**Problem requirements:**
Exact retyping of the data: please keep every word and drop each picture.

(Supplied material Opens)

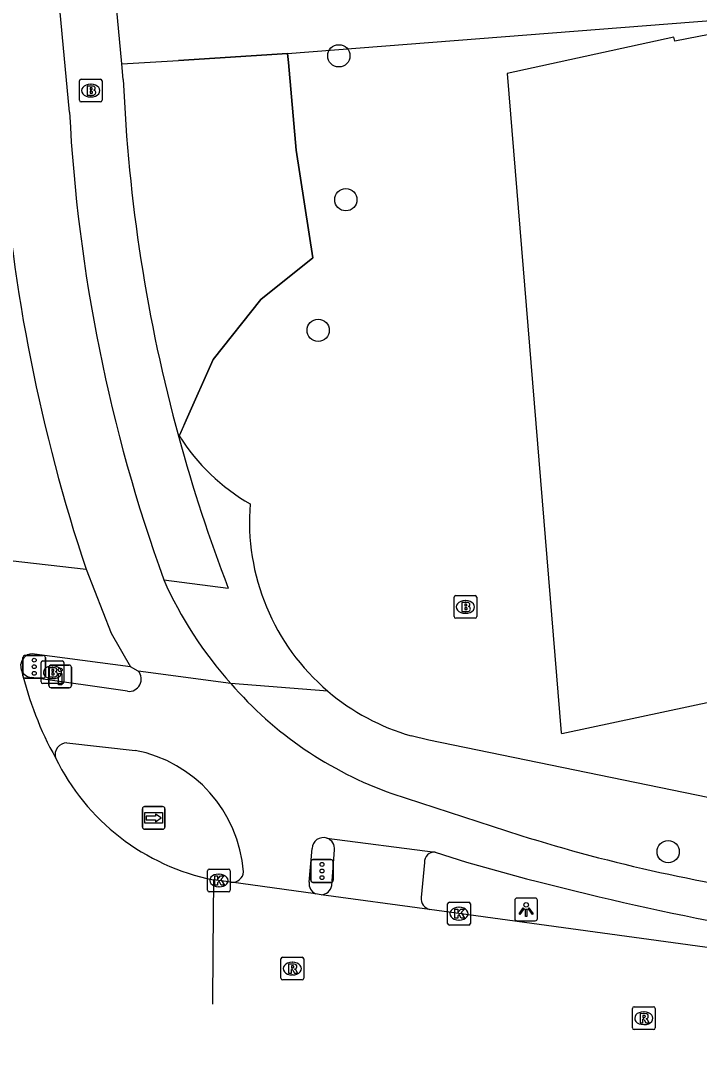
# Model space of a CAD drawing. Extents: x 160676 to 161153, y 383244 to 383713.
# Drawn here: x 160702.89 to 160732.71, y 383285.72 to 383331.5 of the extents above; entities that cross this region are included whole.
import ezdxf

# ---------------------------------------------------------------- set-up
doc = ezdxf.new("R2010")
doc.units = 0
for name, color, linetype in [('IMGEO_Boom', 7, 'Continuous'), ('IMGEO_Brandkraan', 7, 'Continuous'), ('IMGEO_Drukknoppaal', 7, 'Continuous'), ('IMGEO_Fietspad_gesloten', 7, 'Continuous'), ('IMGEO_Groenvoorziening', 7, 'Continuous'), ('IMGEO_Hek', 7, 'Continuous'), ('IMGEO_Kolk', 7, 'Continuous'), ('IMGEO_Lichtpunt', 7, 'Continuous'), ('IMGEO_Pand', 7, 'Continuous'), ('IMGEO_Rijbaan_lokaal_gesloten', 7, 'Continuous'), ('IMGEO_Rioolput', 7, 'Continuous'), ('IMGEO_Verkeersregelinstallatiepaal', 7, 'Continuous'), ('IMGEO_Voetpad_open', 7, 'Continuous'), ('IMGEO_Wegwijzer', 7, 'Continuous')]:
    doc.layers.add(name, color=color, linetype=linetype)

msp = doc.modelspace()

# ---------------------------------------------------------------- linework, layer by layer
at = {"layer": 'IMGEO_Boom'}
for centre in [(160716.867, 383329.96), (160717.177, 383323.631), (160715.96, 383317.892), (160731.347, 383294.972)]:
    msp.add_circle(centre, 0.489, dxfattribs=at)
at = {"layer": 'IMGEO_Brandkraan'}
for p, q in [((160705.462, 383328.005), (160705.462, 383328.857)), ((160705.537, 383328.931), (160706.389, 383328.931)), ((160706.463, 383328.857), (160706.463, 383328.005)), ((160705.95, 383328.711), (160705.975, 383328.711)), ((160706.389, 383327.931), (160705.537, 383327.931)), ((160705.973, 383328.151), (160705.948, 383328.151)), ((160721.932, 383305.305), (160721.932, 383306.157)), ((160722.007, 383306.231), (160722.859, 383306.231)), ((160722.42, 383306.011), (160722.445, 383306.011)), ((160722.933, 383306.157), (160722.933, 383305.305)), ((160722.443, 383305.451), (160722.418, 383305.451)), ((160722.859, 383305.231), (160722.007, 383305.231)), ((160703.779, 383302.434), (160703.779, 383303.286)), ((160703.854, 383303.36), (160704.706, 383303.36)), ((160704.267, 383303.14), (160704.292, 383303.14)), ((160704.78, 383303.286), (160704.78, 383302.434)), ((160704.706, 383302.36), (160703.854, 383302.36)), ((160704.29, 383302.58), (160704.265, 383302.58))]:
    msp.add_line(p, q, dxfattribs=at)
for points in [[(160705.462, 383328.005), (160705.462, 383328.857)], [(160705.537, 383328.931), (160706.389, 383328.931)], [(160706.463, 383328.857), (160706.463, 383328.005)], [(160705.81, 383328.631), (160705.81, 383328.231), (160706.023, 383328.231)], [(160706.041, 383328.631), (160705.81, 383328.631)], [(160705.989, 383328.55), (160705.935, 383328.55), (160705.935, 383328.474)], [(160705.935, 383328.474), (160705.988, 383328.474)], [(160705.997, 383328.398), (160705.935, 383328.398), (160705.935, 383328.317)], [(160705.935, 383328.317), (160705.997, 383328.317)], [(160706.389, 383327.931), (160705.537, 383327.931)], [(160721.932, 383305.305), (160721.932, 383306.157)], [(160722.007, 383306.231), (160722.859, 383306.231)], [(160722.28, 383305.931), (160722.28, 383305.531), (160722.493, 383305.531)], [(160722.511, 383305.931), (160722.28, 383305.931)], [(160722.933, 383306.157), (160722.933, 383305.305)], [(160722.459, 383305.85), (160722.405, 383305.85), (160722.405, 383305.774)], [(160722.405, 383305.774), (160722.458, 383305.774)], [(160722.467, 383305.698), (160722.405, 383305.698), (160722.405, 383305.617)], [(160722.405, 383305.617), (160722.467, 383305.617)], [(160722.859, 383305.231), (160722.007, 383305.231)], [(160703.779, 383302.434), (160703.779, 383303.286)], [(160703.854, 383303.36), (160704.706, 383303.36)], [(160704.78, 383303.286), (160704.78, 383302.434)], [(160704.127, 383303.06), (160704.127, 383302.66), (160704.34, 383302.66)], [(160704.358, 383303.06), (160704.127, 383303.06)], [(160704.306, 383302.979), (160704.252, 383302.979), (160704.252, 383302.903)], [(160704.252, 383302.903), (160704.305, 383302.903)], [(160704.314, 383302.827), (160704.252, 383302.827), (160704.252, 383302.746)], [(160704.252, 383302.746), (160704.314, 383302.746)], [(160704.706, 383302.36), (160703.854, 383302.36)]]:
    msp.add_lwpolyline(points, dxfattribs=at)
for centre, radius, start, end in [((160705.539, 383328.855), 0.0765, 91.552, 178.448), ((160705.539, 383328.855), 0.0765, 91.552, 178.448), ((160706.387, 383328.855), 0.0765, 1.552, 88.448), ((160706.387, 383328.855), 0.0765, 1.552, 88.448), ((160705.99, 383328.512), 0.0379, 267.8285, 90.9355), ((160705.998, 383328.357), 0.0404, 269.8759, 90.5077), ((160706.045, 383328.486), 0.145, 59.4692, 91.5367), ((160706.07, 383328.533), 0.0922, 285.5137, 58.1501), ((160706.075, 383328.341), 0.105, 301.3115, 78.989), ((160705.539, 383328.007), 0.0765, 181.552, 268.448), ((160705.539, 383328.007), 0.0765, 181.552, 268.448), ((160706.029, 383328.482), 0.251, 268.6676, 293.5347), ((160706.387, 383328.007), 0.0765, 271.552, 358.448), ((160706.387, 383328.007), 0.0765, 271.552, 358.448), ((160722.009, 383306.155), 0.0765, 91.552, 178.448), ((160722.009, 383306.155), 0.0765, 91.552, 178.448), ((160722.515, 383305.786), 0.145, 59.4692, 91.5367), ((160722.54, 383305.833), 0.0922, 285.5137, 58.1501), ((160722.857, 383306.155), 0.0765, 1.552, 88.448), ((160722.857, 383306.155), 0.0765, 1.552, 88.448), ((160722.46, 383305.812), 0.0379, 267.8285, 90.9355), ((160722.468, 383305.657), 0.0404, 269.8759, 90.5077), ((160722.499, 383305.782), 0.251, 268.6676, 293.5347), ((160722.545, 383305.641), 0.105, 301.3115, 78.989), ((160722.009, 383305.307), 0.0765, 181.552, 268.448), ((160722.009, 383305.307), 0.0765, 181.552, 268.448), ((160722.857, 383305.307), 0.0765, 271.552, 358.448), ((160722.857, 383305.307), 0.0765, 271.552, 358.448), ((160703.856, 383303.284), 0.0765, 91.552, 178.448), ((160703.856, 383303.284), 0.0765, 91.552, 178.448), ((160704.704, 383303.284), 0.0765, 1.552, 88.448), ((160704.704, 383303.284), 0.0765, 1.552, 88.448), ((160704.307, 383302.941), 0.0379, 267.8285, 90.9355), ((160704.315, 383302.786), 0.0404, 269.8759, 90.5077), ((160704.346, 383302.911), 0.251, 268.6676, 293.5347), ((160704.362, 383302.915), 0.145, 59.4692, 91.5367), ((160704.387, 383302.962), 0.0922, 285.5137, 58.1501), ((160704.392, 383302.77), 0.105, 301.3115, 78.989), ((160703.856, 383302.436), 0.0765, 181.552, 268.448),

(Supplied material Closes)

**Solution for this task:**
# Model space of a CAD drawing. Extents: x 160676 to 161153, y 383244 to 383713.
# Drawn here: x 160702.89 to 160732.71, y 383285.72 to 383331.5 of the extents above; entities that cross this region are included whole.
import ezdxf

# ---------------------------------------------------------------- set-up
doc = ezdxf.new("R2010")
doc.units = 0
for name, color, linetype in [('IMGEO_Boom', 7, 'Continuous'), ('IMGEO_Brandkraan', 7, 'Continuous'), ('IMGEO_Drukknoppaal', 7, 'Continuous'), ('IMGEO_Fietspad_gesloten', 7, 'Continuous'), ('IMGEO_Groenvoorziening', 7, 'Continuous'), ('IMGEO_Hek', 7, 'Continuous'), ('IMGEO_Kolk', 7, 'Continuous'), ('IMGEO_Lichtpunt', 7, 'Continuous'), ('IMGEO_Pand', 7, 'Continuous'), ('IMGEO_Rijbaan_lokaal_gesloten', 7, 'Continuous'), ('IMGEO_Rioolput', 7, 'Continuous'), ('IMGEO_Verkeersregelinstallatiepaal', 7, 'Continuous'), ('IMGEO_Voetpad_open', 7, 'Continuous'), ('IMGEO_Wegwijzer', 7, 'Continuous')]:
    doc.layers.add(name, color=color, linetype=linetype)

msp = doc.modelspace()

# ---------------------------------------------------------------- linework, layer by layer
at = {"layer": 'IMGEO_Boom'}
for centre in [(160716.867, 383329.96), (160717.177, 383323.631), (160715.96, 383317.892), (160731.347, 383294.972)]:
    msp.add_circle(centre, 0.489, dxfattribs=at)
at = {"layer": 'IMGEO_Brandkraan'}
for p, q in [((160705.462, 383328.005), (160705.462, 383328.857)), ((160705.537, 383328.931), (160706.389, 383328.931)), ((160706.463, 383328.857), (160706.463, 383328.005)), ((160705.95, 383328.711), (160705.975, 383328.711)), ((160706.389, 383327.931), (160705.537, 383327.931)), ((160705.973, 383328.151), (160705.948, 383328.151)), ((160721.932, 383305.305), (160721.932, 383306.157)), ((160722.007, 383306.231), (160722.859, 383306.231)), ((160722.42, 383306.011), (160722.445, 383306.011)), ((160722.933, 383306.157), (160722.933, 383305.305)), ((160722.443, 383305.451), (160722.418, 383305.451)), ((160722.859, 383305.231), (160722.007, 383305.231)), ((160703.779, 383302.434), (160703.779, 383303.286)), ((160703.854, 383303.36), (160704.706, 383303.36)), ((160704.267, 383303.14), (160704.292, 383303.14)), ((160704.78, 383303.286), (160704.78, 383302.434)), ((160704.706, 383302.36), (160703.854, 383302.36)), ((160704.29, 383302.58), (160704.265, 383302.58))]:
    msp.add_line(p, q, dxfattribs=at)
for points in [[(160705.462, 383328.005), (160705.462, 383328.857)], [(160705.537, 383328.931), (160706.389, 383328.931)], [(160706.463, 383328.857), (160706.463, 383328.005)], [(160705.81, 383328.631), (160705.81, 383328.231), (160706.023, 383328.231)], [(160706.041, 383328.631), (160705.81, 383328.631)], [(160705.989, 383328.55), (160705.935, 383328.55), (160705.935, 383328.474)], [(160705.935, 383328.474), (160705.988, 383328.474)], [(160705.997, 383328.398), (160705.935, 383328.398), (160705.935, 383328.317)], [(160705.935, 383328.317), (160705.997, 383328.317)], [(160706.389, 383327.931), (160705.537, 383327.931)], [(160721.932, 383305.305), (160721.932, 383306.157)], [(160722.007, 383306.231), (160722.859, 383306.231)], [(160722.28, 383305.931), (160722.28, 383305.531), (160722.493, 383305.531)], [(160722.511, 383305.931), (160722.28, 383305.931)], [(160722.933, 383306.157), (160722.933, 383305.305)], [(160722.459, 383305.85), (160722.405, 383305.85), (160722.405, 383305.774)], [(160722.405, 383305.774), (160722.458, 383305.774)], [(160722.467, 383305.698), (160722.405, 383305.698), (160722.405, 383305.617)], [(160722.405, 383305.617), (160722.467, 383305.617)], [(160722.859, 383305.231), (160722.007, 383305.231)], [(160703.779, 383302.434), (160703.779, 383303.286)], [(160703.854, 383303.36), (160704.706, 383303.36)], [(160704.78, 383303.286), (160704.78, 383302.434)], [(160704.127, 383303.06), (160704.127, 383302.66), (160704.34, 383302.66)], [(160704.358, 383303.06), (160704.127, 383303.06)], [(160704.306, 383302.979), (160704.252, 383302.979), (160704.252, 383302.903)], [(160704.252, 383302.903), (160704.305, 383302.903)], [(160704.314, 383302.827), (160704.252, 383302.827), (160704.252, 383302.746)], [(160704.252, 383302.746), (160704.314, 383302.746)], [(160704.706, 383302.36), (160703.854, 383302.36)]]:
    msp.add_lwpolyline(points, dxfattribs=at)
for centre, radius, start, end in [((160705.539, 383328.855), 0.0765, 91.552, 178.448), ((160705.539, 383328.855), 0.0765, 91.552, 178.448), ((160706.387, 383328.855), 0.0765, 1.552, 88.448), ((160706.387, 383328.855), 0.0765, 1.552, 88.448), ((160705.99, 383328.512), 0.0379, 267.8285, 90.9355), ((160705.998, 383328.357), 0.0404, 269.8759, 90.5077), ((160706.045, 383328.486), 0.145, 59.4692, 91.5367), ((160706.07, 383328.533), 0.0922, 285.5137, 58.1501), ((160706.075, 383328.341), 0.105, 301.3115, 78.989), ((160705.539, 383328.007), 0.0765, 181.552, 268.448), ((160705.539, 383328.007), 0.0765, 181.552, 268.448), ((160706.029, 383328.482), 0.251, 268.6676, 293.5347), ((160706.387, 383328.007), 0.0765, 271.552, 358.448), ((160706.387, 383328.007), 0.0765, 271.552, 358.448), ((160722.009, 383306.155), 0.0765, 91.552, 178.448), ((160722.009, 383306.155), 0.0765, 91.552, 178.448), ((160722.515, 383305.786), 0.145, 59.4692, 91.5367), ((160722.54, 383305.833), 0.0922, 285.5137, 58.1501), ((160722.857, 383306.155), 0.0765, 1.552, 88.448), ((160722.857, 383306.155), 0.0765, 1.552, 88.448), ((160722.46, 383305.812), 0.0379, 267.8285, 90.9355), ((160722.468, 383305.657), 0.0404, 269.8759, 90.5077), ((160722.499, 383305.782), 0.251, 268.6676, 293.5347), ((160722.545, 383305.641), 0.105, 301.3115, 78.989), ((160722.009, 383305.307), 0.0765, 181.552, 268.448), ((160722.009, 383305.307), 0.0765, 181.552, 268.448), ((160722.857, 383305.307), 0.0765, 271.552, 358.448), ((160722.857, 383305.307), 0.0765, 271.552, 358.448), ((160703.856, 383303.284), 0.0765, 91.552, 178.448), ((160703.856, 383303.284), 0.0765, 91.552, 178.448), ((160704.704, 383303.284), 0.0765, 1.552, 88.448), ((160704.704, 383303.284), 0.0765, 1.552, 88.448), ((160704.307, 383302.941), 0.0379, 267.8285, 90.9355), ((160704.315, 383302.786), 0.0404, 269.8759, 90.5077), ((160704.346, 383302.911), 0.251, 268.6676, 293.5347), ((160704.362, 383302.915), 0.145, 59.4692, 91.5367), ((160704.387, 383302.962), 0.0922, 285.5137, 58.1501), ((160704.392, 383302.77), 0.105, 301.3115, 78.989), ((160703.856, 383302.436), 0.0765, 181.552, 268.448),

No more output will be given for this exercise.